I was primarily responding to those who believe x86 is the cause of Larrabee's delay.
i, for one, believe that choosing a hapless ISA has
not helped intel to deliver this part. nothing more than that.
Replacing the x86 scalar cores with something using a leaner ISA would have given them 10% higher performance max. Do either NVIDIA or ATI blow off the release of a new GPU because they've only reached 90% of the performance they've hoped for? Don't think so.
not the performance per se. abysmal power efficiency (ie. performance/wattage) is what most likely killed this project (or 'delayed' it, as you put it). and yes, the poor choice of an ISA in a seriously-parallel GP part can have a devastating effect on the power efficiency, crucially more-so on the turf of specialized parts - don't forget it's not a CISC-vs-RISC case we're having here, it's CISC-vs-specialized. and nobody's bringing up the question of LRB's performance - i don't think a sane person expected LRB to take the GPU crown by storm - sane people expected it to be just in the ballpark, thus 10% performance drop is not worth discussing. 10% of the projected wattage, OTOH, is yet another nail in the coffin for a GP part trying to fight against specialized parts - ie. the GP part being already times worse than the specialized competition.
They are facing a much more serious issue. And I strongly believe it's a software issue. I've seen my own software renderer reach 30% higher performance by changing only a few lines of code, several times in a row. But it took me months of research, experiments and analysis for each of those changes.
i strongly doubt it would've taken intel months to spot a sw performance anomaly in their own chip. IMO, performance has likely been relatively on-par with the projections.
Intel chose x86 because it saves them a lot of time and money.
ok, screw the dumb seaplane analogies: how does owning something that does not fit a job save you time and money toward that job?
They own the ISA, they own the core IP, and they own lots of powerful development tools.
..where the majority of those tools were developed in the course of the LRB project? unless you'd argue intel meant to use LRB as a p5 farm.

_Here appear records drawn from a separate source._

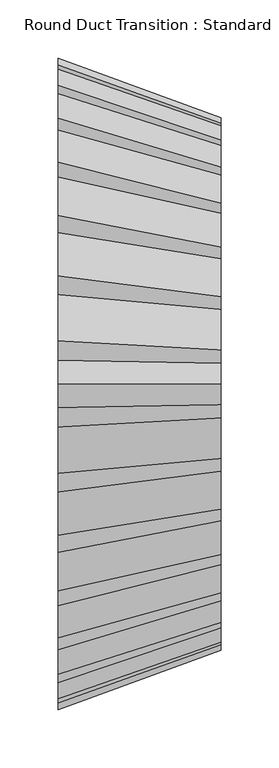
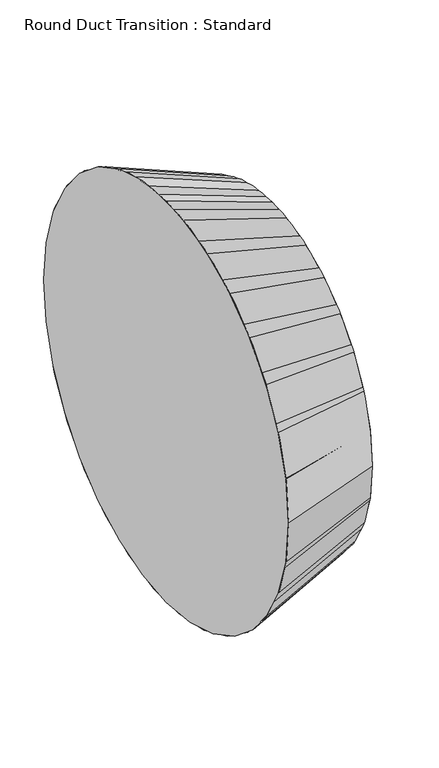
"""IFC4 building model written with IfcOpenShell, lengths in millimetres: duct fitting geometry, Round Duct Transition : Standard."""

from ifc_helpers import new_model, si_unit, frame, origin, place, context, project, spatial, polyline, circle_curve, source, transform, mapped, element, save
from ifc_brep_helpers import plane_surface, revolved_surface, advanced_brep


def round_duct_transition_standard_7377344e(model_context):
    return source(origin(), model_context, "Body", "AdvancedBrep", [
        advanced_brep(
        [(139.7, -228.6, 0.0), (139.7, 0.0, -228.6), (139.7, 228.6, 0.0), (139.7, 0.0, 228.6), (0.0, -279.4, 0.0), (0.0, 0.0, 279.4), (0.0, 279.4, 0.0), (0.0, 0.0, -279.4)],
        [
            (0, 1, circle_curve(frame((139.7, 0.0, 0.0), z_axis=(1.0, 0.0, 0.0), x_axis=(0.0, -1.0, 0.0)), 228.6)),
            (1, 2, circle_curve(frame((139.7, 0.0, 0.0), z_axis=(1.0, 0.0, 0.0), x_axis=(0.0, 0.0, -1.0)), 228.6)),
            (2, 3, circle_curve(frame((139.7, 0.0, 0.0), z_axis=(1.0, 0.0, 0.0), x_axis=(0.0, 1.0, 0.0)), 228.6)),
            (3, 0, circle_curve(frame((139.7, 0.0, 0.0), z_axis=(1.0, 0.0, 0.0), x_axis=(0.0, 0.0, 1.0)), 228.6)),
            (4, 5, circle_curve(frame((0.0, 0.0, 0.0), z_axis=(-1.0, 0.0, 0.0), x_axis=(0.0, 0.0, 1.0)), 279.4)),
            (5, 6, circle_curve(frame((0.0, 0.0, 0.0), z_axis=(-1.0, 0.0, 0.0), x_axis=(0.0, 1.0, 0.0)), 279.4)),
            (6, 7, circle_curve(frame((0.0, 0.0, 0.0), z_axis=(-1.0, 0.0, 0.0), x_axis=(0.0, 0.0, -1.0)), 279.4)),
            (7, 4, circle_curve(frame((0.0, 0.0, 0.0), z_axis=(-1.0, 0.0, 0.0), x_axis=(0.0, -1.0, 0.0)), 279.4)),
            (7, 1),
            (0, 4),
            (6, 2),
            (5, 3),
        ],
        [
            plane_surface(frame((139.7, 0.0, 0.0), z_axis=(1.0, 0.0, 0.0), x_axis=(0.0, 0.0, -1.0))),
            plane_surface(frame((0.0, 0.0, 0.0), z_axis=(-1.0, 0.0, 0.0), x_axis=(0.0, 0.0, -1.0))),
            revolved_surface(polyline([(139.69999999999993, -228.6, 0.0), (0.0, -279.4, 0.0)]), (768.35, 0.0, 0.0), (-1.0, 0.0, 0.0)),
            revolved_surface(polyline([(139.69999999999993, 0.0, -228.6), (0.0, 0.0, -279.4)]), (768.35, 0.0, 0.0), (-1.0, 0.0, 0.0)),
            revolved_surface(polyline([(139.69999999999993, 228.6, 0.0), (0.0, 279.4, 0.0)]), (768.35, 0.0, 0.0), (-1.0, 0.0, 0.0)),
            revolved_surface(polyline([(139.69999999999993, 0.0, 228.6), (0.0, 0.0, 279.4)]), (768.35, 0.0, 0.0), (-1.0, 0.0, 0.0)),
        ],
        [
            (0, [[1, 2, 3, 4]]),
            (1, [[5, 6, 7, 8]]),
            (2, [[-8, 9, -1, 10]]),
            (3, [[-7, 11, -2, -9]]),
            (4, [[-6, 12, -3, -11]]),
            (5, [[-5, -10, -4, -12]]),
        ],
    ),
        advanced_brep(
        [(0.0, -279.4, 0.0), (0.0, 0.0, 279.4), (0.0, 279.4, 0.0), (0.0, 0.0, -279.4), (139.7, -228.6, 0.0), (139.7, 0.0, -228.6), (139.7, 228.6, 0.0), (139.7, 0.0, 228.6)],
        [
            (0, 1, circle_curve(frame((0.0, 0.0, 0.0), z_axis=(-1.0, 0.0, 0.0), x_axis=(0.0, -1.0, 0.0)), 279.4)),
            (1, 2, circle_curve(frame((0.0, 0.0, 0.0), z_axis=(-1.0, 0.0, 0.0), x_axis=(0.0, 0.0, 1.0)), 279.4)),
            (2, 3, circle_curve(frame((0.0, 0.0, 0.0), z_axis=(-1.0, 0.0, 0.0), x_axis=(0.0, 1.0, 0.0)), 279.4)),
            (3, 0, circle_curve(frame((0.0, 0.0, 0.0), z_axis=(-1.0, 0.0, 0.0), x_axis=(0.0, 0.0, -1.0)), 279.4)),
            (4, 5, circle_curve(frame((139.7, 0.0, 0.0), z_axis=(1.0, 0.0, 0.0), x_axis=(0.0, 0.0, -1.0)), 228.6)),
            (5, 6, circle_curve(frame((139.7, 0.0, 0.0), z_axis=(1.0, 0.0, 0.0), x_axis=(0.0, 1.0, 0.0)), 228.6)),
            (6, 7, circle_curve(frame((139.7, 0.0, 0.0), z_axis=(1.0, 0.0, 0.0), x_axis=(0.0, 0.0, 1.0)), 228.6)),
            (7, 4, circle_curve(frame((139.7, 0.0, 0.0), z_axis=(1.0, 0.0, 0.0), x_axis=(0.0, -1.0, 0.0)), 228.6)),
            (7, 1),
            (0, 4),
            (6, 2),
            (5, 3),
        ],
        [
            plane_surface(frame((0.0, 0.0, 0.0), z_axis=(-1.0, 0.0, 0.0), x_axis=(0.0, 0.0, -1.0))),
            plane_surface(frame((139.7, 0.0, 0.0), z_axis=(1.0, 0.0, 0.0), x_axis=(0.0, 0.0, -1.0))),
            revolved_surface(polyline([(139.69999999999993, 0.0, 228.6), (0.0, 0.0, 279.4)]), (768.35, 0.0, 0.0), (-1.0, 0.0, 0.0)),
            revolved_surface(polyline([(139.69999999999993, 228.6, 0.0), (0.0, 279.4, 0.0)]), (768.35, 0.0, 0.0), (-1.0, 0.0, 0.0)),
            revolved_surface(polyline([(139.69999999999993, 0.0, -228.6), (0.0, 0.0, -279.4)]), (768.35, 0.0, 0.0), (-1.0, 0.0, 0.0)),
            revolved_surface(polyline([(139.69999999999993, -228.6, 0.0), (0.0, -279.4, 0.0)]), (768.35, 0.0, 0.0), (-1.0, 0.0, 0.0)),
        ],
        [
            (0, [[1, 2, 3, 4]]),
            (1, [[5, 6, 7, 8]]),
            (2, [[-8, 9, -1, 10]]),
            (3, [[-7, 11, -2, -9]]),
            (4, [[-6, 12, -3, -11]]),
            (5, [[-5, -10, -4, -12]]),
        ],
    ),
        advanced_brep(
        [(139.7, -228.6, 0.0), (139.7, 228.6, 0.0), (0.0, -279.4, 0.0), (0.0, 279.4, 0.0)],
        [
            (0, 1, circle_curve(frame((139.7, 0.0, 0.0), z_axis=(1.0, 0.0, 0.0), x_axis=(0.0, -1.0, 0.0)), 228.6)),
            (1, 0, circle_curve(frame((139.7, 0.0, 0.0), z_axis=(1.0, 0.0, 0.0), x_axis=(0.0, 1.0, 0.0)), 228.6)),
            (2, 3, circle_curve(frame((0.0, 0.0, 0.0), z_axis=(-1.0, 0.0, 0.0), x_axis=(0.0, 1.0, 0.0)), 279.4)),
            (3, 2, circle_curve(frame((0.0, 0.0, 0.0), z_axis=(-1.0, 0.0, 0.0), x_axis=(0.0, -1.0, 0.0)), 279.4)),
            (3, 1),
            (0, 2),
        ],
        [
            plane_surface(frame((139.7, 0.0, 0.0), z_axis=(1.0, 0.0, 0.0), x_axis=(0.0, 0.0, -1.0))),
            plane_surface(frame((0.0, 0.0, 0.0), z_axis=(-1.0, 0.0, 0.0), x_axis=(0.0, 0.0, -1.0))),
            revolved_surface(polyline([(139.69999999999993, -228.6, 0.0), (0.0, -279.4, 0.0)]), (768.35, 0.0, 0.0), (-1.0, 0.0, 0.0)),
            revolved_surface(polyline([(139.69999999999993, 228.6, 0.0), (0.0, 279.4, 0.0)]), (768.35, 0.0, 0.0), (-1.0, 0.0, 0.0)),
        ],
        [
            (0, [[1, 2]]),
            (1, [[3, 4]]),
            (2, [[-4, 5, -1, 6]]),
            (3, [[-3, -6, -2, -5]]),
        ],
    ),
    ])


if __name__ == "__main__":
    model = new_model("IFC4")
    model_context = context("Model", 3, world=origin())
    ifc_project = project(units=[si_unit("LENGTHUNIT", "METRE", prefix="MILLI")], contexts=[model_context])
    site = spatial("IfcSite", under=ifc_project)
    building = spatial("IfcBuilding", under=site)
    placement = place(None, origin())
    round_duct_transition_standard_shape = round_duct_transition_standard_7377344e(model_context)
    element("IfcDuctFitting", 1, ObjectType="Round Duct Transition : Standard", at=placement, inside=building, context=model_context, shape_type="MappedRepresentation", body=[
        mapped(round_duct_transition_standard_shape, transform((0.0, 0.0, 0.0), x_axis=(1.0, 0.0, 0.0), y_axis=(0.0, 1.0, 0.0), z_axis=(0.0, 0.0, 1.0))),
    ])
    save(model, "model.ifc")

Even though they're facing a delay, any other ISA would have costed them a lot more time and money. On top of that every PC developer has software that will compile for Larrabee with little or no issues. Don't underestimate how awesome it is to have something running on day zero and be able to incrementally improve performance.
i really doubt the bolded part ('hey! my C2D-targeting code runs faster on a p5! woot!'). unless you meant 3d API code, in which case i don't see the basis for the improvement vs a GPU.
There are also many binary libraries that won't require any recompile. Yes, they won't run efficiently, but that's not always necessay. You can have some very useful routines that perform complex tasks but you only need to call them a couple of times.
you totally lost me here. what x86 binary libraries you would like to run on a LRB, and why would you want to run them there, and not on your dual/quad-core monster CPU that was designed to eat old x86 code for breakfast?
So x86 allows them to create momentum much more quickly than anyone else. It still won't be easy, but the potential is huge and if they succeed it will be nearly impossible for the competition to do better with another ISA.
again, everything you've argued for so far has been based on the premise that x86 fits the task nicely. but we don't agree there. and low and behold, the 'competition' has material, currently-sold-on-the-market parts - how's that for doing better?
You mean the ZMS-08? It only supports OpenGL ES as far as I know. The choppy 3D demo with the motorcycle also couldn't convince me that it has competitive performance compared to a similar sized dedicated graphics chip.
zms-08 tapes out Q1/Q2 '10 (no LRB will be on the market by then). the 'choppy motorcycle' demo is some pre-production code on zms-05 - final code reportedly runs better. and i wonder how choppy LRB's first GPU-originated demos would have been, alas that's something we have no means to know. FYI, zms-08 should decimate zms-05 judging from the paper specs (i promise to report on that once i get my hands on it). also, the part offers much more than GL ES - all in the form of APIs (Creative are actually opposed to the idea of giving direct access to the GPGPU part to application programmers, at least not until they have a sound compiler targeting that).
They'll certainly have to provide highly optimized implementations of every version of Direct3D and OpenGL, but it's also intended to let developers have direct access to the hardware. That's the whole point of using x86. They want people to develop just as much software for it as for their CPUs. NVIDIA is trying to achieve the same thing with CUDA, but is having a lot of trouble creating momentum because it's hard to migrate existing code and distribute binaries. There simply is no software ecosystem for CUDA yet, and it will take a very long time to create and expand it. x86's ecosystem is already massive.
cool. and how big is the LRBni ecosystem?
They don't have to optimize every piece of code. 90% of execution time is spent in 10% of the code. The top hotspots are even smaller.
sorry, i meant to say 'every piece of code that matters' - clearly optimising every last op would be nonsensical.
Last time I checked, netbooks with Atom processors were selling like hotcakes...
last time i checked, the market i was speaking about was spread a tad beyond netbooks. basically, it works like this - the moment desktop windows becomes an non-factor, that same moment atom develops weak knees (or simply follows the way of desktop windows).